[PROBLEM DETAILS] Pull each line containing "site" out of the data and copy it.

[DATA UNDER STUDY]
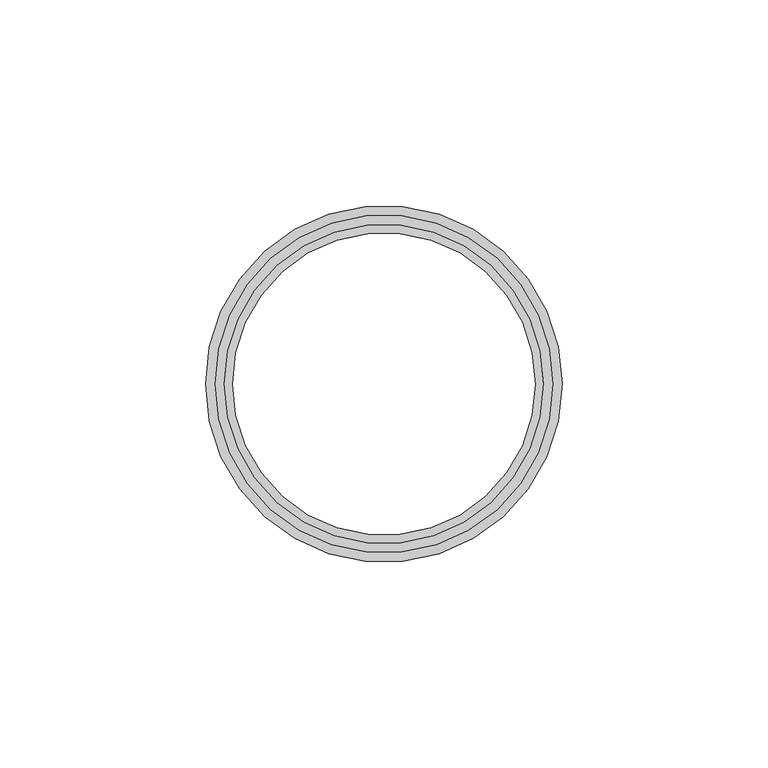
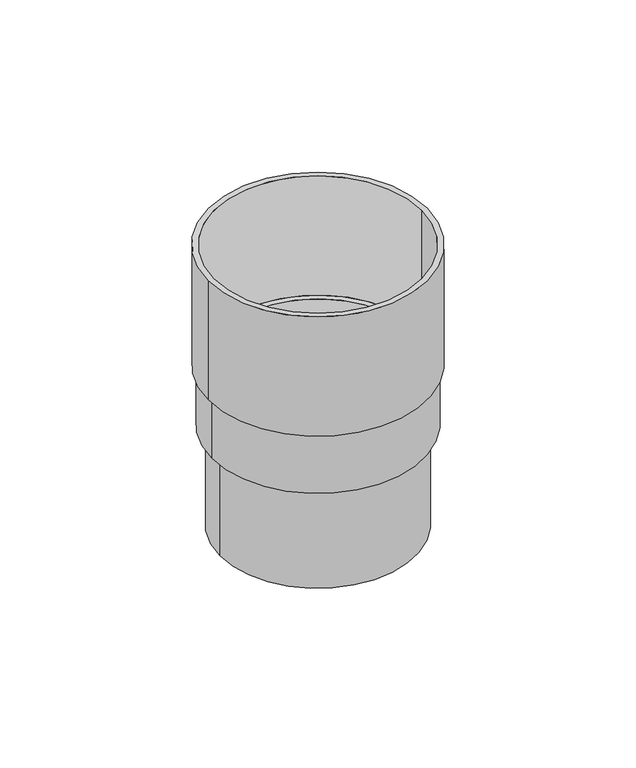
"""IFC4 building model written with IfcOpenShell, lengths in millimetres: proxy geometry, ⇱ Соеденительная муфта с хомутом крепления трубы : ⇱ Соеденительная муфта с хомутом крепления трубы."""

from ifc_helpers import new_model, si_unit, frame, origin, origin_with_axes, place, context, project, spatial, polyline, circle_curve, source, transform, mapped, element, save
from ifc_brep_helpers import plane_surface, cylinder_surface, revolved_surface, advanced_brep


def generic_models_4bd52057(model_context):
    return source(origin(), model_context, "Body", "AdvancedBrep", [
        advanced_brep(
        [(-43.4, 0.0, 0.0), (43.4, 0.0, 0.0), (-41.1, 0.0, 0.0), (41.1, 0.0, 0.0), (-43.4, 0.0, -50.0), (43.4, 0.0, -50.0), (-42.0, 0.0, -50.0), (42.0, 0.0, -50.0), (-41.1, 0.0, -50.0), (41.1, 0.0, -50.0), (-38.8, 0.0, -50.0), (38.8, 0.0, -50.0), (-42.0, 0.0, -75.0), (42.0, 0.0, -75.0), (-38.8, 0.0, -75.0), (38.8, 0.0, -75.0), (-38.8, 0.0, -75.0), (38.8, 0.0, -75.0), (-36.8, 0.0, -75.0), (36.8, 0.0, -75.0), (-38.8, 0.0, -117.0), (38.8, 0.0, -117.0), (-36.8, 0.0, -117.0), (36.8, 0.0, -117.0)],
        [
            (0, 1, circle_curve(origin_with_axes(), 43.4)),
            (1, 0, circle_curve(origin_with_axes(), 43.4)),
            (2, 3, circle_curve(frame((0.0, 0.0, 0.0), z_axis=(0.0, 0.0, -1.0), x_axis=(1.0, 0.0, 0.0)), 41.1)),
            (3, 2, circle_curve(frame((0.0, 0.0, 0.0), z_axis=(0.0, 0.0, -1.0), x_axis=(1.0, 0.0, 0.0)), 41.1)),
            (4, 5, circle_curve(frame((0.0, 0.0, -50.0), z_axis=(0.0, 0.0, -1.0), x_axis=(1.0, 0.0, 0.0)), 43.4)),
            (5, 4, circle_curve(frame((0.0, 0.0, -50.0), z_axis=(0.0, 0.0, -1.0), x_axis=(1.0, 0.0, 0.0)), 43.4)),
            (6, 7, circle_curve(frame((0.0, 0.0, -50.0), z_axis=(0.0, 0.0, 1.0), x_axis=(1.0, 0.0, 0.0)), 42.0)),
            (7, 6, circle_curve(frame((0.0, 0.0, -50.0), z_axis=(0.0, 0.0, 1.0), x_axis=(1.0, 0.0, 0.0)), 42.0)),
            (2, 8),
            (8, 9, circle_curve(frame((0.0, 0.0, -50.0), z_axis=(0.0, 0.0, -1.0), x_axis=(1.0, 0.0, 0.0)), 41.1)),
            (9, 3),
            (9, 8, circle_curve(frame((0.0, 0.0, -50.0), z_axis=(0.0, 0.0, -1.0), x_axis=(1.0, 0.0, 0.0)), 41.1)),
            (0, 4),
            (5, 1),
            (10, 11, circle_curve(frame((0.0, 0.0, -50.0), z_axis=(0.0, 0.0, -1.0), x_axis=(1.0, 0.0, 0.0)), 38.8)),
            (11, 10, circle_curve(frame((0.0, 0.0, -50.0), z_axis=(0.0, 0.0, -1.0), x_axis=(1.0, 0.0, 0.0)), 38.8)),
            (12, 13, circle_curve(frame((0.0, 0.0, -75.0), z_axis=(0.0, 0.0, -1.0), x_axis=(1.0, 0.0, 0.0)), 42.0)),
            (13, 12, circle_curve(frame((0.0, 0.0, -75.0), z_axis=(0.0, 0.0, -1.0), x_axis=(1.0, 0.0, 0.0)), 42.0)),
            (14, 15, circle_curve(frame((0.0, 0.0, -75.0), z_axis=(0.0, 0.0, 1.0), x_axis=(1.0, 0.0, 0.0)), 38.8)),
            (15, 14, circle_curve(frame((0.0, 0.0, -75.0), z_axis=(0.0, 0.0, 1.0), x_axis=(1.0, 0.0, 0.0)), 38.8)),
            (10, 16),
            (16, 17, circle_curve(frame((0.0, 0.0, -75.0), z_axis=(0.0, 0.0, -1.0), x_axis=(1.0, 0.0, 0.0)), 38.8)),
            (17, 11),
            (17, 16, circle_curve(frame((0.0, 0.0, -75.0), z_axis=(0.0, 0.0, -1.0), x_axis=(1.0, 0.0, 0.0)), 38.8)),
            (13, 7),
            (6, 12),
            (18, 19, circle_curve(frame((0.0, 0.0, -75.0), z_axis=(0.0, 0.0, -1.0), x_axis=(1.0, 0.0, 0.0)), 36.8)),
            (19, 18, circle_curve(frame((0.0, 0.0, -75.0), z_axis=(0.0, 0.0, -1.0), x_axis=(1.0, 0.0, 0.0)), 36.8)),
            (20, 21, circle_curve(frame((0.0, 0.0, -117.0), z_axis=(0.0, 0.0, -1.0), x_axis=(1.0, 0.0, 0.0)), 38.8)),
            (21, 20, circle_curve(frame((0.0, 0.0, -117.0), z_axis=(0.0, 0.0, -1.0), x_axis=(1.0, 0.0, 0.0)), 38.8)),
            (22, 23, circle_curve(frame((0.0, 0.0, -117.0), z_axis=(0.0, 0.0, 1.0), x_axis=(1.0, 0.0, 0.0)), 36.8)),
            (23, 22, circle_curve(frame((0.0, 0.0, -117.0), z_axis=(0.0, 0.0, 1.0), x_axis=(1.0, 0.0, 0.0)), 36.8)),
            (18, 22),
            (23, 19),
            (21, 15),
            (14, 20),
        ],
        [
            plane_surface(frame((41.1, 0.0, 0.0), z_axis=(0.0, 0.0, 1.0), x_axis=(0.0, -1.0, 0.0))),
            plane_surface(frame((41.1, 0.0, -50.0), z_axis=(0.0, 0.0, -1.0), x_axis=(0.0, 1.0, 0.0))),
            revolved_surface(polyline([(41.1, 0.0, -50.0), (41.1, 0.0, 0.0)]), (0.0, 0.0, -50.0), (0.0, 0.0, -1.0)),
            cylinder_surface(origin_with_axes(), 43.4),
            plane_surface(frame((38.8, 0.0, -50.0), z_axis=(0.0, 0.0, 1.0), x_axis=(0.0, -1.0, 0.0))),
            plane_surface(frame((38.8, 0.0, -75.0), z_axis=(0.0, 0.0, -1.0), x_axis=(0.0, 1.0, 0.0))),
            revolved_surface(polyline([(38.8, 0.0, -75.0), (38.8, 0.0, -50.0)]), (0.0, 0.0, -75.0), (0.0, 0.0, -1.0)),
            cylinder_surface(origin_with_axes(), 42.0),
            plane_surface(frame((36.8, 0.0, -75.0), z_axis=(0.0, 0.0, 1.0), x_axis=(0.0, -1.0, 0.0))),
            plane_surface(frame((36.8, 0.0, -117.0), z_axis=(0.0, 0.0, -1.0), x_axis=(0.0, 1.0, 0.0))),
            revolved_surface(polyline([(36.8, 0.0, -117.0), (36.8, 0.0, -75.0)]), (0.0, 0.0, -117.0), (0.0, 0.0, -1.0)),
            cylinder_surface(frame((0.0, 0.0, -32.655027), z_axis=(0.0, 0.0, 1.0), x_axis=(1.0, 0.0, 0.0)), 38.8),
        ],
        [
            (0, [[1, 2], [3, 4]]),
            (1, [[5, 6], [7, 8]]),
            (2, [[-3, 9, 10, 11]]),
            (2, [[-4, -11, 12, -9]]),
            (3, [[-1, 13, -6, 14]]),
            (3, [[-2, -14, -5, -13]]),
            (4, [[-10, -12], [15, 16]]),
            (5, [[17, 18], [19, 20]]),
            (6, [[-15, 21, 22, 23]]),
            (6, [[-16, -23, 24, -21]]),
            (7, [[-18, 25, -7, 26]]),
            (7, [[-17, -26, -8, -25]]),
            (8, [[-22, -24], [27, 28]]),
            (9, [[29, 30], [31, 32]]),
            (10, [[-27, 33, -32, 34]]),
            (10, [[-28, -34, -31, -33]]),
            (11, [[-30, 35, -19, 36]]),
            (11, [[-29, -36, -20, -35]]),
        ],
    ),
    ])


if __name__ == "__main__":
    model = new_model("IFC4")
    model_context = context("Model", 3, world=origin())
    ifc_project = project(units=[si_unit("LENGTHUNIT", "METRE", prefix="MILLI")], contexts=[model_context])
    site = spatial("IfcSite", under=ifc_project)
    building = spatial("IfcBuilding", under=site)
    placement = place(None, origin())
    generic_models_shape = generic_models_4bd52057(model_context)
    element("IfcBuildingElementProxy", 1, Name="⇱ Соеденительная муфта с хомутом крепления трубы : ⇱ Соеденительная муфта с хомутом крепления трубы", ObjectType="⇱ Соеденительная муфта с хомутом крепления трубы : ⇱ Соеденительная муфта с хомутом крепления трубы", at=placement, inside=building, context=model_context, shape_type="MappedRepresentation", body=[
        mapped(generic_models_shape, transform((0.0, 0.0, 0.0), x_axis=(1.0, 0.0, 0.0), y_axis=(0.0, 1.0, 0.0), z_axis=(0.0, 0.0, 1.0))),
    ])
    save(model, "model.ifc")

# Revit data of these elements
# Type "⇱ Соеденительная муфта с хомутом крепления трубы : ⇱ Соеденительная муфта с хомутом крепления трубы"
#   Description = "Обеспечивает соединение водосточных\r\nтруб, компенсирует температурное расширение"
#   Manufacturer = "ТехноНИКОЛЬ"
#   Model = "Комплектующие к водосточным системам"
#   URL = "https://tn-vodostok.ru/catalog/pvh/"
#   ADSK_Обозначение = "ТехноНИКОЛЬ"
#   ADSK_Наименование краткое = "Муфта"
#   ADSK_Наименование = "Соединительная муфта"
#   ADSK_Масса_Текст = ""
#   ADSK_Марка = ""
#   ADSK_Код изделия = ""
#   ADSK_Завод-изготовитель = "ТехноНИКОЛЬ"
#   ADSK_Единица измерения = "шт."
#   ADSK_Группирование = "Комплектующие к водосточным системам"
#   ADSK_URL страницы изделия = "https://tn-vodostok.ru/catalog/pvh/"
#   ADSK_URL документации изделия = "https://tn-vodostok.ru/upload/iblock/c42/c427963cb77eb5c3c51f0cfb870e9e52.pdf"
#   ADSK_Размер_Ширина = 86.8 mm
#   ADSK_Размер_Диаметр = 82.2 mm
#   ADSK_Размер_Высота = 117 mm
#   ADSK_Количество = 1
#   ADSK_Материал [instance default] = TN_Пластик_Коричневый_RAL8019
#   Default Elevation = 0
# Element 1 (IfcBuildingElementProxy, "⇱ Соеденительная муфта с хомутом крепления трубы : ⇱ Соеденительная муфта с хомутом крепления трубы")
#   Materials on its faces: "TN_Пластик_Коричневый_RAL8019"
# Materials
#   "TN_Пластик_Коричневый_RAL8019": class "Типовые", colour RGB 61 54 53, transparency 0, Cost = 0

[RESPONSE AREA]
    site = spatial("IfcSite", under=ifc_project)
    building = spatial("IfcBuilding", under=site)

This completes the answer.